I wanted to add one last thing, which is that I think we already need a way to summarize messages about packages at the end of a Cargo run, rather than inline together with the installation.

This would allow us to do things like:

Downloading foo vx.y.z
Downloading bar vx.y.z
Downloading baz vx.y.z
   Finished release [optimized] target(s) in 243.7 secs

Crates using deprecated features: foo, bar
Crates with security vulnerabilities: bar vx.y.z (see ... for details)

This would allow us to print out some useful information about non-fatal problems with the build without turning it into a massive scroll of things you have no control over. Of course, --verbose would provide the complete details.

Notification is the means, and weeding out vulnerable crates is the goal/motivation. I've updated the section here: Update motivation · untitaker/rfcs@5a06156 · GitHub

The idea behind that behavior is: Better mark too many crates as vulnerable than too few. I imagine that enumerating every single concrete version that has been vulnerable to be either tedious or error-prone, or both (i.e. I could imaging to forget a specific bugfix release in my enumeration because I forgot that it existed).

The workflow I imagined is:

  • Run cargo advisory without any args.
  • Edit out the versions that are not affected in the advisory file and submit
  • Release new versions that are not vulnerable.

What about a hybrid? Try to use $EDITOR if it exists (don't fiddle around much with fallbacks such as trying a set of common editor names like it is sometimes done), dump a file if it doesn't.

I don't know how the situation looks under Windows, but under POSIX it appears fairly easy once you've found an appropriate editor command. Terminal settings e.g. are supposed to be restored by the editor.

Here we go: Allow optional keys to be absent · untitaker/rfcs@fa78731 · GitHub

This has been proposed at [pre-RFC] Security advisories as part of crates.io metadata - #6 by troplin

I feel like those situations are not comparable as deprecations are much more common (by orders of magnitude!) than security advisories. I simply don't expect advisories to be so common such that developers would be conditioned to ignore them.

I would agree that the "regardless of whether this package is already compiled, downloaded, ..." part is too disruptive though.

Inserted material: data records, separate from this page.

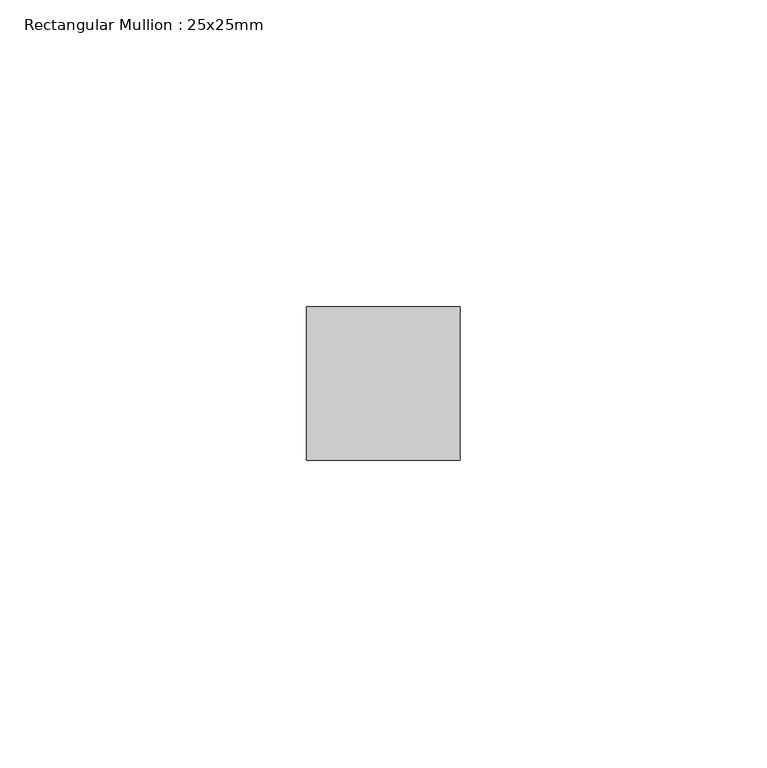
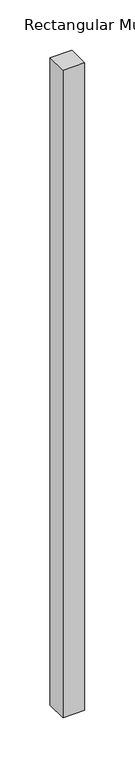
"""IFC4 building model written with IfcOpenShell, lengths in millimetres: member geometry, Rectangular Mullion : 25x25mm."""

from ifc_helpers import new_model, si_unit, frame, origin, place, context, project, spatial, polyline, outline, extrude, source, transform, mapped, element, save


def rectangular_mullion_25x25mm_42a5222e(model_context):
    return source(origin(), model_context, "Body", "SweptSolid", [
        extrude(outline(polyline([(12.5, 0.5), (12.5, -24.5), (-12.5, -24.5), (-12.5, 0.5), (12.5, 0.5)])), frame((0.0, 0.0, -783.3333336), z_axis=(0.0, 0.0, 1.0), x_axis=(1.0, 0.0, 0.0)), (0.0, 0.0, 1.0), 783.3333336),
    ])


if __name__ == "__main__":
    model = new_model("IFC4")
    model_context = context("Model", 3, world=origin())
    ifc_project = project(units=[si_unit("LENGTHUNIT", "METRE", prefix="MILLI")], contexts=[model_context])
    site = spatial("IfcSite", under=ifc_project)
    building = spatial("IfcBuilding", under=site)
    placement = place(None, origin())
    rectangular_mullion_25x25mm_shape = rectangular_mullion_25x25mm_42a5222e(model_context)
    element("IfcMember", 1, ObjectType="Rectangular Mullion : 25x25mm", at=placement, inside=building, context=model_context, shape_type="MappedRepresentation", body=[
        mapped(rectangular_mullion_25x25mm_shape, transform((0.0, 0.0, 0.0), x_axis=(1.0, 0.0, 0.0), y_axis=(0.0, 1.0, 0.0), z_axis=(0.0, 0.0, 1.0))),
    ])
    save(model, "model.ifc")
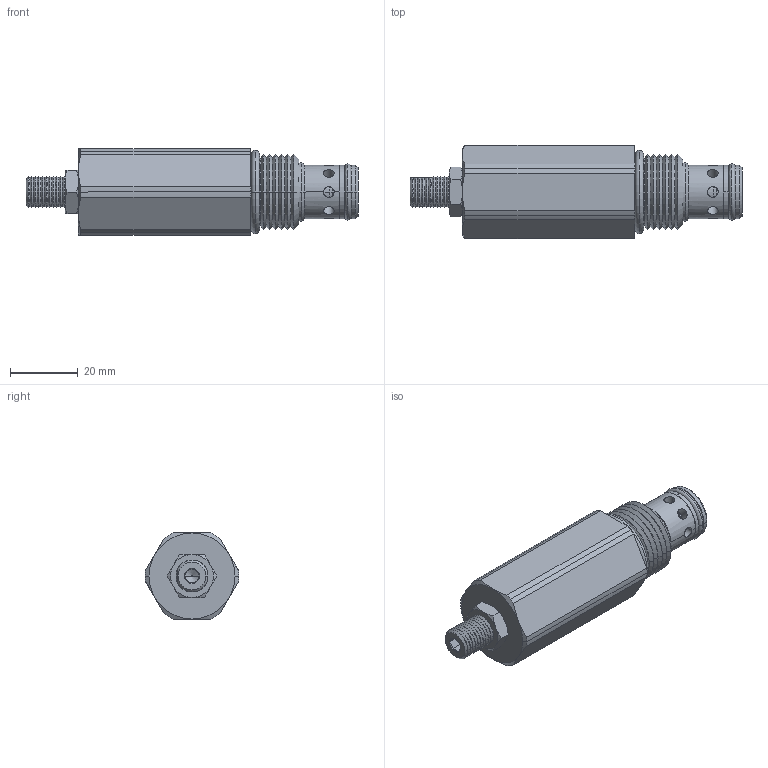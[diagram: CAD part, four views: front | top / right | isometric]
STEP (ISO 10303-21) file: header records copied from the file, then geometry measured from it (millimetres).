
FILE_DESCRIPTION((''),'2;1');
FILE_NAME('U:\Solid model CD\Solid model full\Mechanical\STEP\DERWP00-3D Full.stp','2008-07-29T09:03:03',('Dan'),(''),'Autodesk Inventor 9','Autodesk Inventor 9','');
FILE_SCHEMA(('AUTOMOTIVE_DESIGN { 1 0 10303 214 1 1 1 1 }'));
Length unit declared in the file: inch
Products named in the file (5): DERWP00-3D Full; DERWP00-3D Full1; DERWP00-3D Full2; DERWP00-3D Full3; DERWP00-3D Full4
Assembly tree (4 placements, depth 2):
  DERWP00-3D Full
    DERWP00-3D Full1
    DERWP00-3D Full2
    DERWP00-3D Full3
    DERWP00-3D Full4
Bounding box: 97.99 x 27.69 x 25.4 mm (x, y, z)
Volume: 37118.3 mm3; surface area: 10159.5 mm2
Topology: 4 solids, 4 shells, 227 faces, 523 edges, 313 vertices
Faces by surface type: cone 108, cylinder 60, plane 45, bspline 10, torus 4
Entity records: 7161 total; most frequent: CARTESIAN_POINT 2018, DIRECTION 1087, ORIENTED_EDGE 1046, EDGE_CURVE 523, AXIS2_PLACEMENT_3D 454, VERTEX_POINT 313, EDGE_LOOP 258, CIRCLE 228

@bascule suggested to create an option that makes warnings errors instead. Is that more acceptable? Note my follow-up questions in that thread for which I haven't found a good answer:


I mean "any vulnerable version that matches the version requirements", see also [pre-RFC] Security advisories as part of crates.io metadata - #10 by lifthrasiir

I don't know what you mean by this. Are you saying that allow-vulnerable should affect behavior of publish? This is already my intention.